Work instructions:
Which lines of the entries contain the string "LELB"? Please find them and copy them.

Start of Block

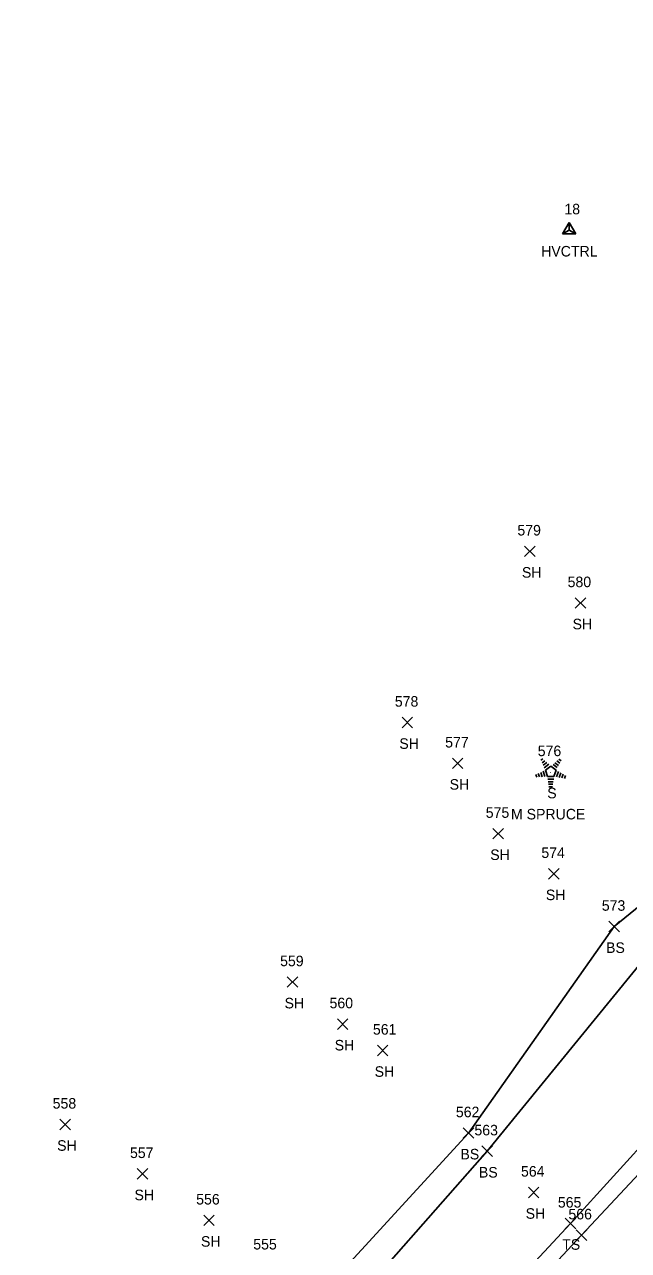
# Model space of a CAD drawing. Extents: x 1688195 to 1692013, y 424605 to 441234.
# Drawn here: x 1691404.7 to 1691519.2, y 439041.4 to 439274 of the extents above; entities that cross this region are included whole.
import ezdxf

# ---------------------------------------------------------------- set-up
doc = ezdxf.new("R2010")
doc.units = 0
for name, color, linetype in [('C_A', 7, 'Continuous'), ('C_I', 7, 'Continuous'), ('CPSM', 7, 'Continuous'), ('L_A', 7, 'Continuous'), ('L_C', 7, 'Continuous'), ('L_I', 7, 'Continuous'), ('L_TIC', 7, 'Continuous'), ('LELB', 7, 'Continuous'), ('LTC', 7, 'Continuous'), ('P_I', 7, 'Continuous'), ('P_TIC', 7, 'Continuous'), ('PET', 7, 'Continuous')]:
    doc.layers.add(name, color=color, linetype=linetype)

msp = doc.modelspace()

# ---------------------------------------------------------------- linework, layer by layer
at = {"layer": 'CPSM'}
for p, q in [((1691506.74, 439234.23), (1691507.99, 439236.39)), ((1691509.24, 439234.23), (1691507.99, 439236.39)), ((1691507.99, 439234.95), (1691507.99, 439236.39)), ((1691506.74, 439234.23), (1691507.99, 439234.95)), ((1691506.74, 439234.23), (1691509.24, 439234.23)), ((1691507.99, 439234.95), (1691507.99, 439234.95)), ((1691507.99, 439234.95), (1691509.24, 439234.23))]:
    msp.add_line(p, q, dxfattribs=at)
at = {"layer": 'L_TIC'}
for points in [[(1691499.54, 439173.02), (1691501.54, 439175.02)], [(1691501.54, 439173.02), (1691499.54, 439175.02)], [(1691509.15, 439163.22), (1691511.15, 439165.22)], [(1691511.15, 439163.22), (1691509.15, 439165.22)], [(1691476.29, 439140.55), (1691478.29, 439142.55)], [(1691478.29, 439140.55), (1691476.29, 439142.55)], [(1691485.83, 439132.8), (1691487.83, 439134.8)], [(1691487.83, 439132.8), (1691485.83, 439134.8)], [(1691493.54, 439119.46), (1691495.54, 439121.46)], [(1691495.54, 439119.46), (1691493.54, 439121.46)], [(1691504.08, 439111.85), (1691506.08, 439113.85)], [(1691506.08, 439111.85), (1691504.08, 439113.85)], [(1691515.55, 439101.83), (1691517.55, 439103.83)], [(1691517.55, 439101.83), (1691515.55, 439103.83)], [(1691454.52, 439091.31), (1691456.52, 439093.31)], [(1691456.52, 439091.31), (1691454.52, 439093.31)], [(1691464.03, 439083.33), (1691466.03, 439085.33)], [(1691466.03, 439083.33), (1691464.03, 439085.33)], [(1691471.6, 439078.33), (1691473.6, 439080.33)], [(1691473.6, 439078.33), (1691471.6, 439080.33)], [(1691411.37, 439064.3), (1691413.37, 439066.3)], [(1691413.37, 439064.3), (1691411.37, 439066.3)], [(1691487.91, 439062.66), (1691489.91, 439064.66)], [(1691489.91, 439062.66), (1691487.91, 439064.66)], [(1691491.43, 439059.22), (1691493.43, 439061.22)], [(1691493.43, 439059.22), (1691491.43, 439061.22)], [(1691426.03, 439054.92), (1691428.03, 439056.92)], [(1691428.03, 439054.92), (1691426.03, 439056.92)], [(1691500.25, 439051.4), (1691502.25, 439053.4)], [(1691502.25, 439051.4), (1691500.25, 439053.4)], [(1691438.65, 439046.1), (1691440.65, 439048.1)], [(1691440.65, 439046.1), (1691438.65, 439048.1)], [(1691507.26, 439045.52), (1691509.26, 439047.52)], [(1691509.26, 439045.52), (1691507.26, 439047.52)]]:
    msp.add_lwpolyline(points, dxfattribs=at)
at = {"layer": 'LELB'}
for points in [[(1691372.73, 438902.64), (1691398.57, 438929.63), (1691421.61, 438954.81), (1691450.5, 438984.08), (1691477.46, 439013.34), (1691508.26, 439046.52), (1691540.85, 439082.44), (1691568.31, 439110.72), (1691593.69, 439141.21), (1691622.93, 439171.73), (1691652.84, 439206.76), (1691674.71, 439229.19), (1691701.22, 439256.48), (1691710.89, 439279.75), (1691723.95, 439307.99), (1691712.17, 439332.07), (1691693.94, 439358.26), (1691684, 439373.02)], [(1691358.65, 438915.95), (1691383.88, 438942.54), (1691406.19, 438968.83), (1691432.09, 439000.43), (1691458.78, 439030.79), (1691488.91, 439063.66), (1691516.55, 439102.83), (1691546.52, 439127.21), (1691571.44, 439162.09), (1691585.36, 439179.75), (1691595.61, 439189.84), (1691598.8, 439192.56), (1691623.09, 439224.33), (1691645.87, 439250.99)], [(1691362.51, 438912.64), (1691386.93, 438940.67), (1691409.23, 438967.09), (1691436.47, 438996.99), (1691463, 439026.81), (1691492.43, 439060.22), (1691523.16, 439097.82), (1691549.35, 439125.66), (1691575.52, 439158.24), (1691588.61, 439176.65), (1691597.67, 439188.52), (1691599.59, 439192.01), (1691624.28, 439223.08), (1691646.72, 439249.94), (1691645.87, 439250.99)]]:
    msp.add_lwpolyline(points, dxfattribs=at)
at = {"layer": 'LTC'}
for p, q in [((1691502.64, 439134.37), (1691503, 439134.63)), ((1691502.85, 439133.9), (1691503.38, 439134.29)), ((1691503.06, 439133.44), (1691503.77, 439133.95)), ((1691503.27, 439132.97), (1691504.15, 439133.61)), ((1691505.3, 439133.91), (1691505.98, 439133.42)), ((1691505.67, 439134.26), (1691506.22, 439133.86)), ((1691506.04, 439134.61), (1691506.46, 439134.3)), ((1691501.68, 439131.65), (1691501.83, 439131.18)), ((1691502.13, 439131.86), (1691502.34, 439131.21)), ((1691502.59, 439132.08), (1691502.86, 439131.25)), ((1691503.04, 439132.3), (1691503.37, 439131.28)), ((1691503.5, 439132.52), (1691504.51, 439133.25)), ((1691503.5, 439132.52), (1691503.88, 439131.32)), ((1691505.11, 439131.32), (1691503.88, 439131.32)), ((1691504.51, 439133.25), (1691505.5, 439132.53)), ((1691504.93, 439133.56), (1691505.74, 439132.98)), ((1691505.5, 439132.53), (1691505.11, 439131.32)), ((1691505.94, 439132.26), (1691505.6, 439131.22)), ((1691506.39, 439132.01), (1691506.1, 439131.12)), ((1691506.83, 439131.76), (1691506.59, 439131.03)), ((1691507.28, 439131.5), (1691507.09, 439130.93)), ((1691505.08, 439130.82), (1691503.93, 439130.82)), ((1691504.99, 439130.32), (1691504, 439130.32)), ((1691504.91, 439129.82), (1691504.08, 439129.82)), ((1691504.82, 439129.32), (1691504.15, 439129.32))]:
    msp.add_line(p, q, dxfattribs=at)
at = {"layer": 'P_TIC'}
for points in [[(1691509.32, 439043.28), (1691511.32, 439045.28)], [(1691511.32, 439043.28), (1691509.32, 439045.28)]]:
    msp.add_lwpolyline(points, dxfattribs=at)
at = {"layer": 'PET'}
msp.add_lwpolyline([(1691375.46, 438899.9), (1691401.5, 438927.23), (1691424.19, 438951.44), (1691479.53, 439011.25), (1691510.32, 439044.28), (1691543.27, 439079.53), (1691570.24, 439108.89), (1691596.97, 439137.86), (1691630.02, 439173.34), (1691657.32, 439202.46), (1691678.85, 439225.99), (1691705.09, 439253.29), (1691720.65, 439270.18), (1691741.75, 439292.31), (1691750.04, 439301.33), (1691750.82, 439305.81), (1691750.97, 439309.53)], dxfattribs=at)

# ---------------------------------------------------------------- texts
at = {"layer": 'C_A'}
msp.add_text('HVCTRL', height=2, dxfattribs=at).set_placement((1691502.68, 439229.95))
at = {"layer": 'C_I'}
msp.add_text('18', height=2, dxfattribs=at).set_placement((1691507.09, 439237.95))
at = {"layer": 'L_A'}
for s, p in [('SH', (1691499.03, 439169.02)), ('SH', (1691508.64, 439159.22)), ('SH', (1691475.77, 439136.55)), ('SH', (1691485.32, 439128.8)), ('S', (1691503.83, 439127.16)), ('SH', (1691493.02, 439115.46)), ('SH', (1691503.57, 439107.85)), ('BS', (1691514.99, 439097.83)), ('SH', (1691454, 439087.31)), ('SH', (1691463.51, 439079.33)), ('SH', (1691471.09, 439074.33)), ('SH', (1691410.85, 439060.3)), ('BS', (1691487.36, 439058.66)), ('BS', (1691490.87, 439055.22)), ('SH', (1691425.52, 439050.92)), ('SH', (1691499.74, 439047.4)), ('SH', (1691438.14, 439042.1)), ('TS', (1691506.67, 439041.52))]:
    msp.add_text(s, height=2, dxfattribs=at).set_placement(p)
at = {"layer": 'L_C'}
msp.add_text('M SPRUCE', height=2, dxfattribs=at).set_placement((1691496.95, 439123.16))
at = {"layer": 'L_I'}
for s, p in [('579', (1691498.17, 439177.02)), ('580', (1691507.7, 439167.22)), ('578', (1691474.92, 439144.55)), ('577', (1691484.47, 439136.8)), ('576', (1691502.03, 439135.16)), ('575', (1691492.17, 439123.46)), ('574', (1691502.72, 439115.85)), ('573', (1691514.19, 439105.83)), ('559', (1691453.15, 439095.31)), ('560', (1691462.53, 439087.33)), ('561', (1691470.76, 439082.33)), ('558', (1691410, 439068.3)), ('562', (1691486.5, 439066.66)), ('563', (1691490.02, 439063.22)), ('557', (1691424.67, 439058.92)), ('564', (1691498.85, 439055.4)), ('556', (1691437.23, 439050.1)), ('565', (1691505.85, 439049.52)), ('555', (1691448.06, 439041.57))]:
    msp.add_text(s, height=2, dxfattribs=at).set_placement(p)
at = {"layer": 'LTC'}
msp.add_text('.', height=1.04, rotation=270, dxfattribs=at).set_placement((1691504.39, 439132.26))
at = {"layer": 'P_I'}
msp.add_text('566', height=2, dxfattribs=at).set_placement((1691507.85, 439047.28))

doc.saveas('drawing.dxf')

End of Block

Exercise output:
for name, color, linetype in [('C_A', 7, 'Continuous'), ('C_I', 7, 'Continuous'), ('CPSM', 7, 'Continuous'), ('L_A', 7, 'Continuous'), ('L_C', 7, 'Continuous'), ('L_I', 7, 'Continuous'), ('L_TIC', 7, 'Continuous'), ('LELB', 7, 'Continuous'), ('LTC', 7, 'Continuous'), ('P_I', 7, 'Continuous'), ('P_TIC', 7, 'Continuous'), ('PET', 7, 'Continuous')]:
at = {"layer": 'LELB'}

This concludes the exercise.